Potential areas requiring configuration:
- Network setup (VPC, security groups)
- S3 access policies
- IAM permissions
- Compute preferences (spot vs on-demand)
StarryNight manages job execution; IT retains security/cost control.
Validation Checklist
- 100-job pipeline test
- Partial failure recovery
- Container version switching
- Telemetry completeness
- Internal user testing
Key Risks
Risk | Mitigation |
---|---|
AWS Batch complexity | Early proof-of-concept |
Container maintenance | Automated builds |
Cost overruns | Monitoring and alerts |
CellProfiler integration | Extensive testing |
Stakeholder Approval Process
Note: This section requires stakeholder input to define the approval process.
Proposed Review Structure (TBD)
- Technical review by engineering team
- Security review by IT/compliance
- Final approval by project sponsors
Open Questions for Stakeholders
- Who are the key stakeholders for approval?
- What are the approval criteria?
- What documentation is required for each review?
- What is the timeline for reviews?
Context from Planning Discussions
IT Team Constraints: IT team will likely lack bandwidth to implement custom infrastructure solutions. StarryNight must provide a predefined AWS configuration that IT teams can approve with a simple "yes/no" decision, rather than requiring custom backend development.
AWS Batch Experience Gap: The team has no hands-on experience with AWS Batch for scientific workloads. The 8-week timeline is based on theoretical assumptions rather than practical knowledge, creating significant unknown risks.

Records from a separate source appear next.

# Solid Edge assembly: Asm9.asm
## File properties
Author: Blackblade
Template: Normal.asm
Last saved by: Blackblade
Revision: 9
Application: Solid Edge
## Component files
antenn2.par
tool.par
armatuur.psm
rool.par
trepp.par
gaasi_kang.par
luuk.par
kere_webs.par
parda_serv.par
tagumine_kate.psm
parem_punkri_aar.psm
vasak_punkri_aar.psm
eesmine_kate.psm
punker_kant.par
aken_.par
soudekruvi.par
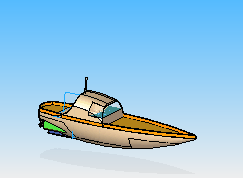
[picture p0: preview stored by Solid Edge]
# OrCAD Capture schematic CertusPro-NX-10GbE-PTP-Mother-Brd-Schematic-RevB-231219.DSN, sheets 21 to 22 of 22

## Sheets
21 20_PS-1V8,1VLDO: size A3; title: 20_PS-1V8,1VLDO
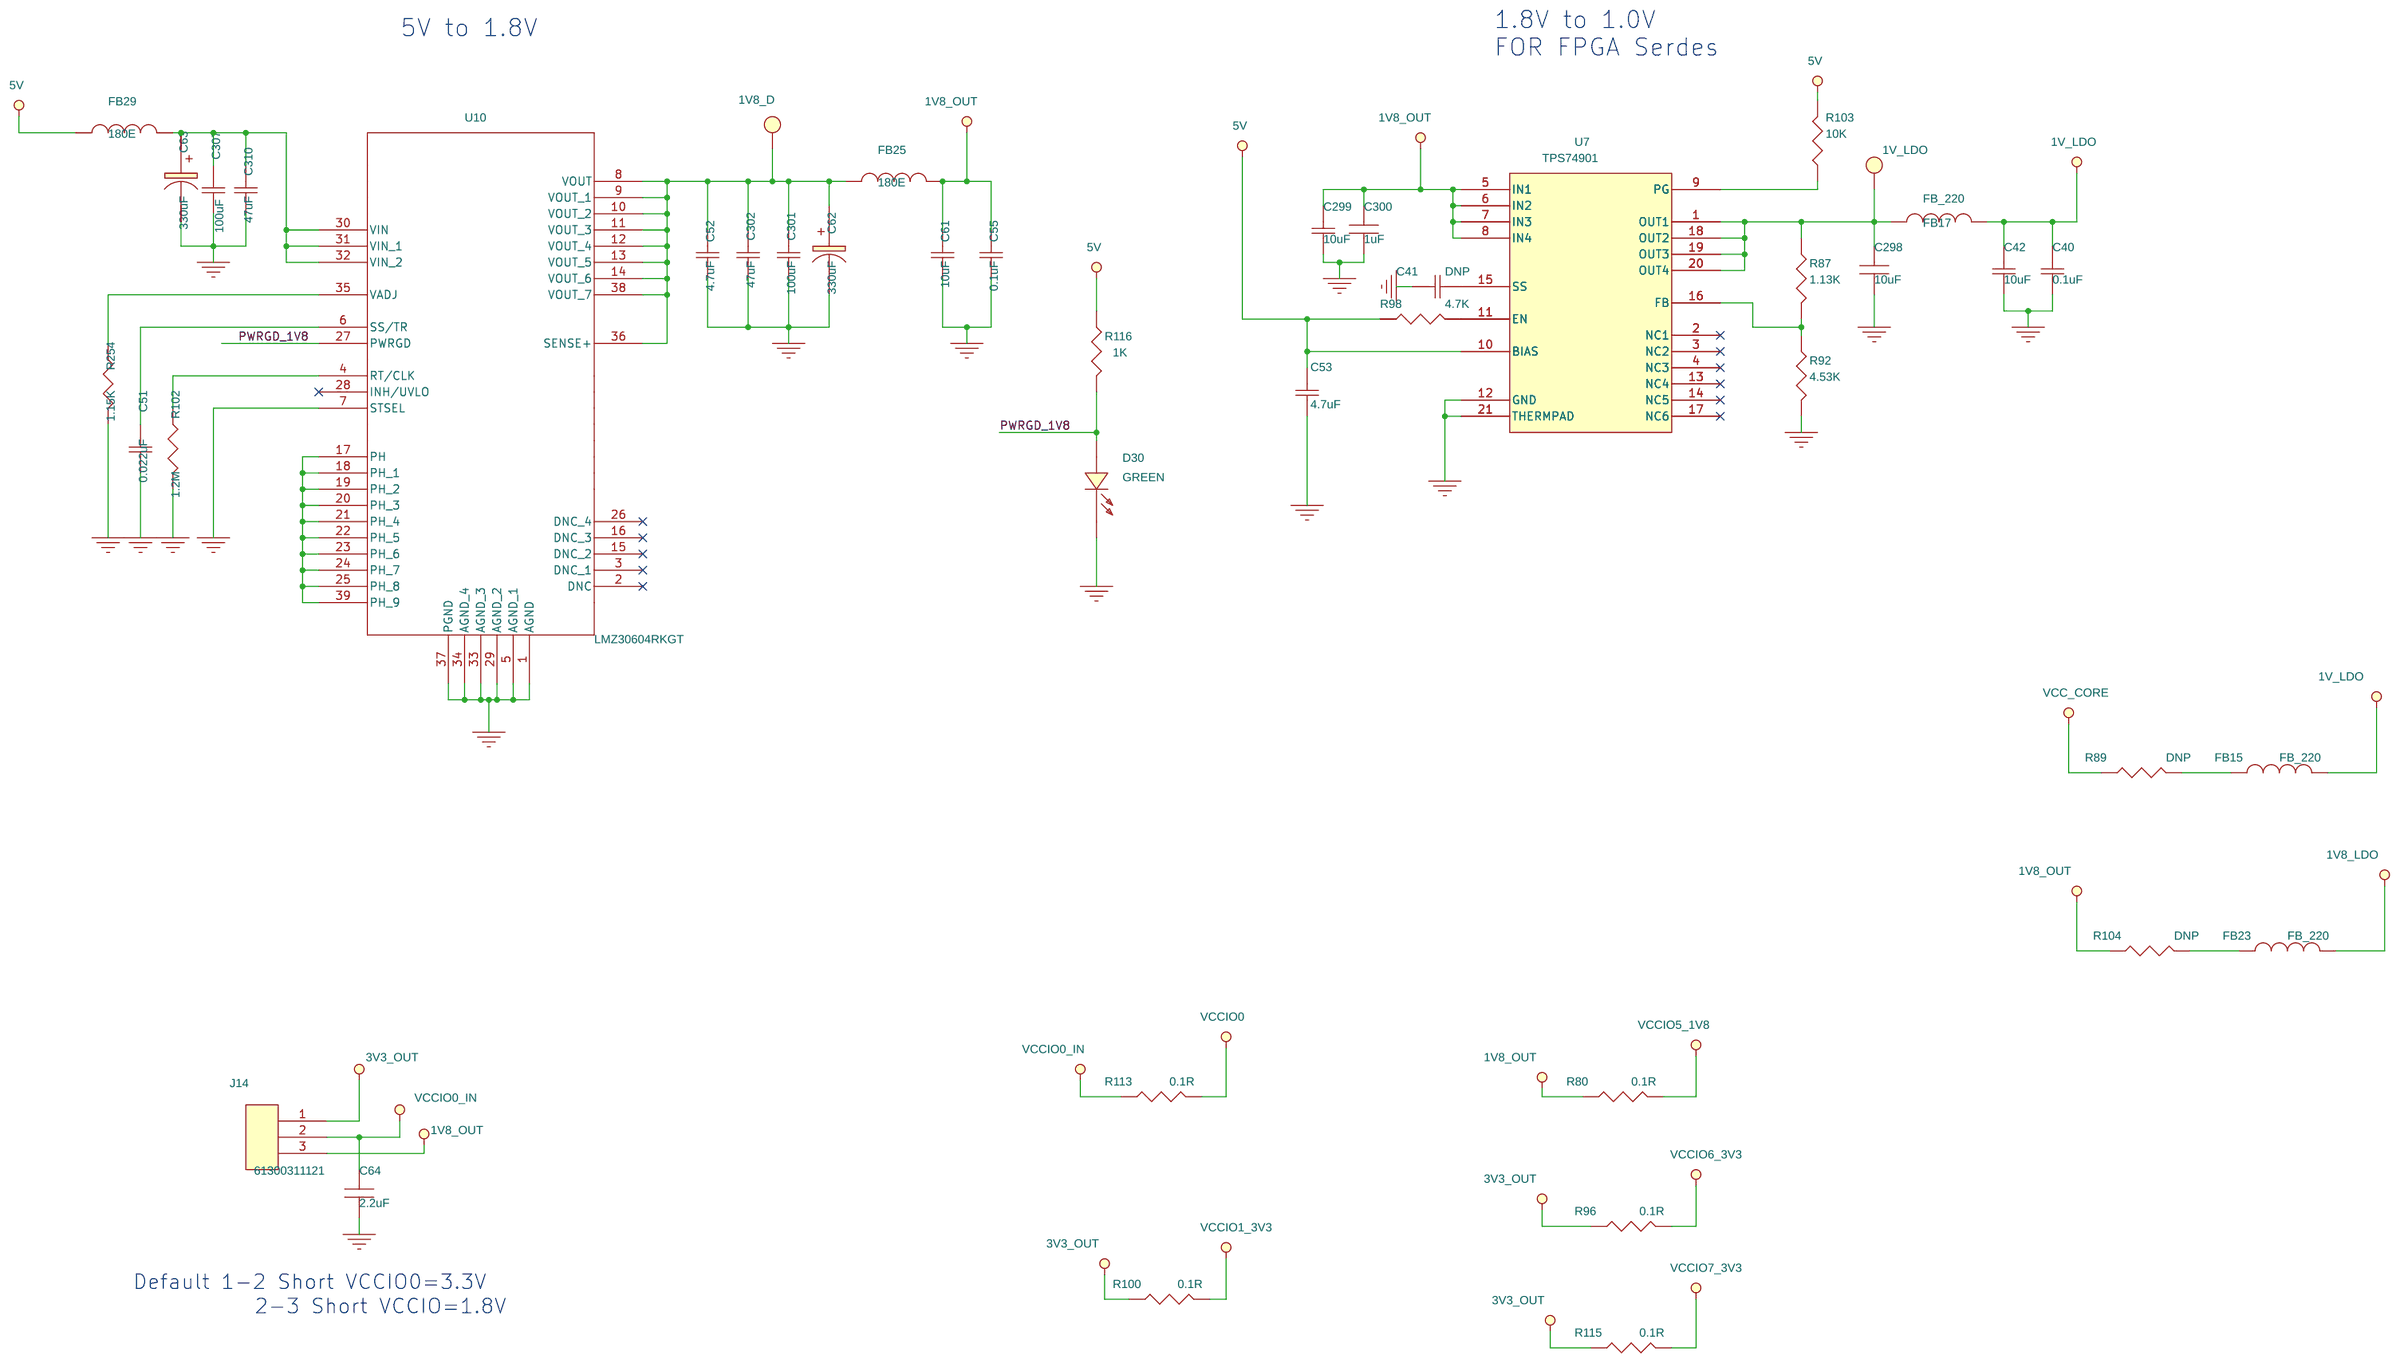
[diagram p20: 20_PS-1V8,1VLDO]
22 09_FPGA_B1-Led,7Seg,FTDI_Ctrl: size A3; title: 09_FPGA_B1-Led,7Seg,FTDI_Ctrl
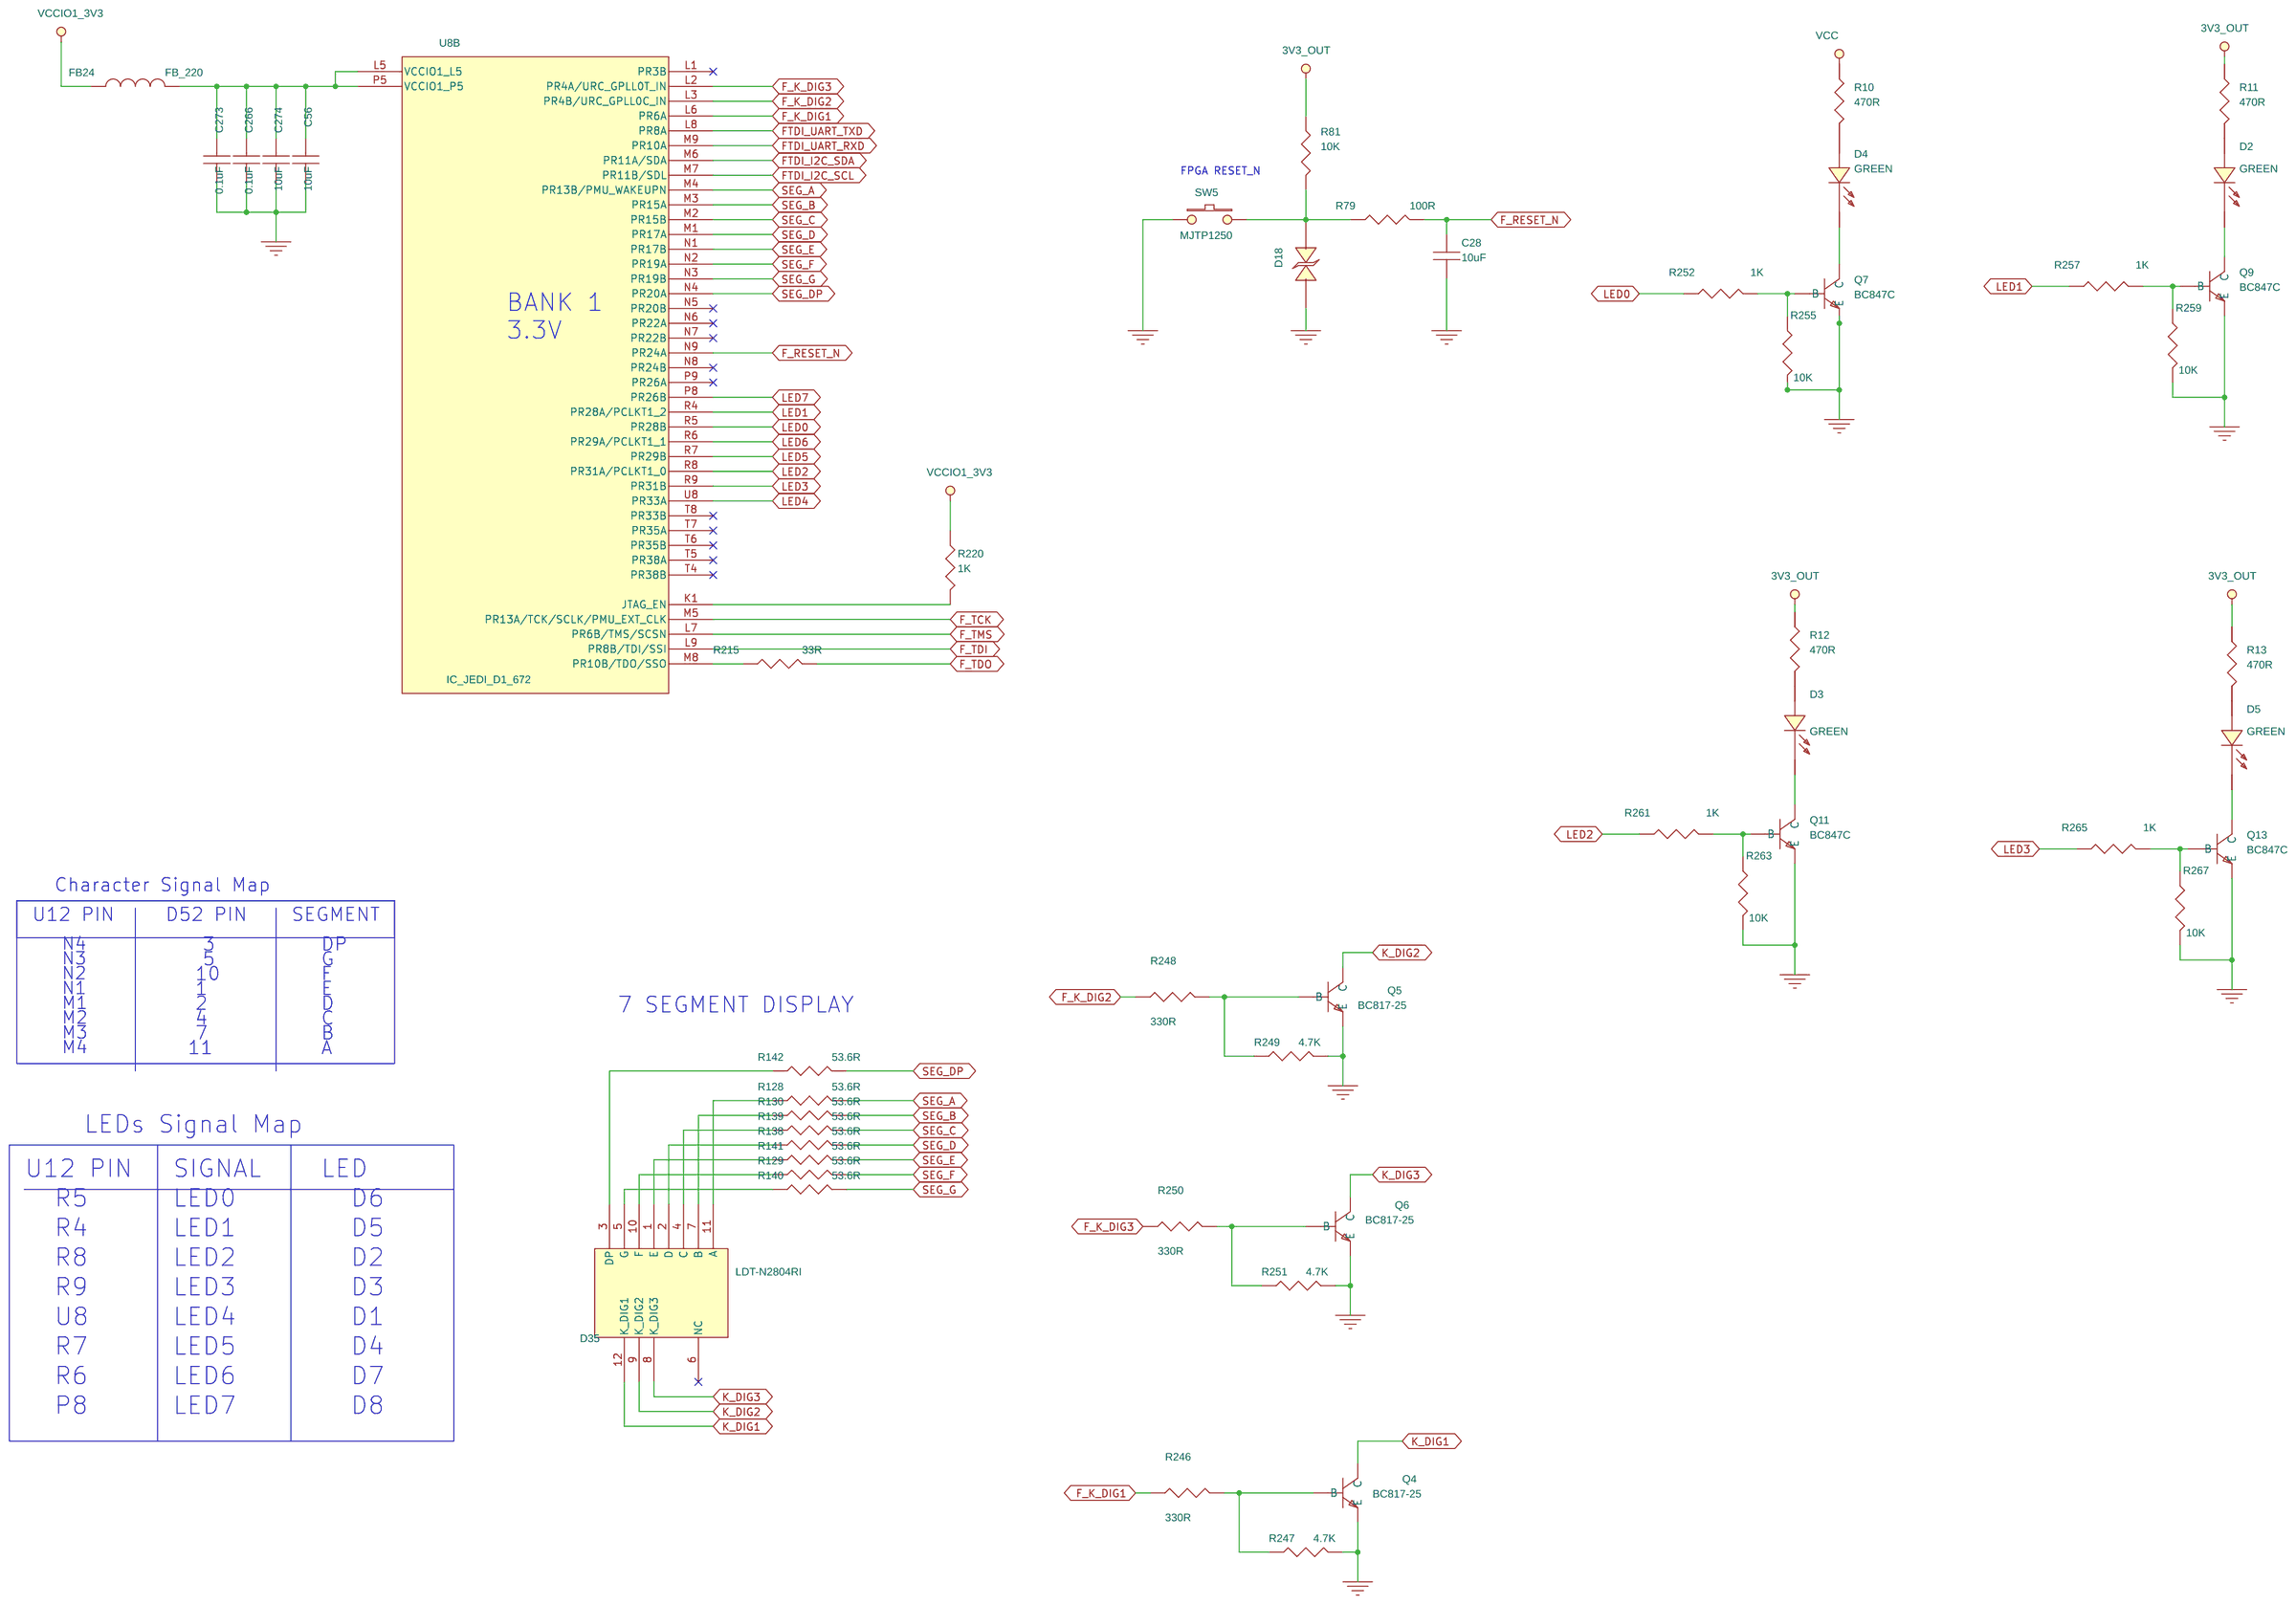
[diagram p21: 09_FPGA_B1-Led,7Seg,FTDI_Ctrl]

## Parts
sheet 09_FPGA_B1-Led,7Seg,FTDI_Ctrl
C28  10uF  [cap0603]
C56  10uF  [cap0603]
C266  0.1uF  [cap0402]
C273  0.1uF  [cap0402]
C274  10uF  [cap0603]
D2  GREEN  [led_0603]
D3  GREEN  [led_0603]
D4  GREEN  [led_0603]
D5  GREEN  [led_0603]
D18  DIODE_SUPPRESSOR ESD 30VDC 0402  [ESD0402]
D35  LDT-N2804RI  [display_12P-PTH]
FB24  FB_220  [FB0603]
Q4  BC817-25  [SOT23-3]
Q5  BC817-25  [SOT23-3]
Q6  BC817-25  [SOT23-3]
Q7  BC847C  [sot23_3]
Q9  BC847C  [sot23_3]
Q11  BC847C  [sot23_3]
Q13  BC847C  [sot23_3]
R10  470R  [res0402]
R11  470R  [res0402]
R12  470R  [res0402]
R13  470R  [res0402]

Pulumi Cost Scaling Uncertainty: Unclear how Pulumi pricing scales with infrastructure complexity (10 vs 1000 compute instances). Monthly costs could exceed projections if Pulumi charges per AWS resource rather than per managed service.
Always-On Coordinator Requirements: StarryNight needs a persistent coordinator node for job submission and state management. Requires dedicated EC2 instance running 24/7; this may introduce infrastructure complexity.
Custom Container Maintenance: Cannot use official CellProfiler containers due to need for custom telemetry and error handling wrappers. StarryNight must maintain its own CellProfiler builds, requiring automated CI/CD pipeline and coordination with CellProfiler releases.
CellProfiler Integration Complexity: CellProfiler doesn't behave like standard command-line tools - unreliable exit codes and inconsistent error reporting in containers. Standard containerization approaches may fail; requires custom error detection and handling mechanisms.
Bottom Line: While the roadmap provides a structured 8-week plan, several critical unknowns could significantly impact timeline and complexity. Early proof-of-concept testing is essential before committing to full deployment.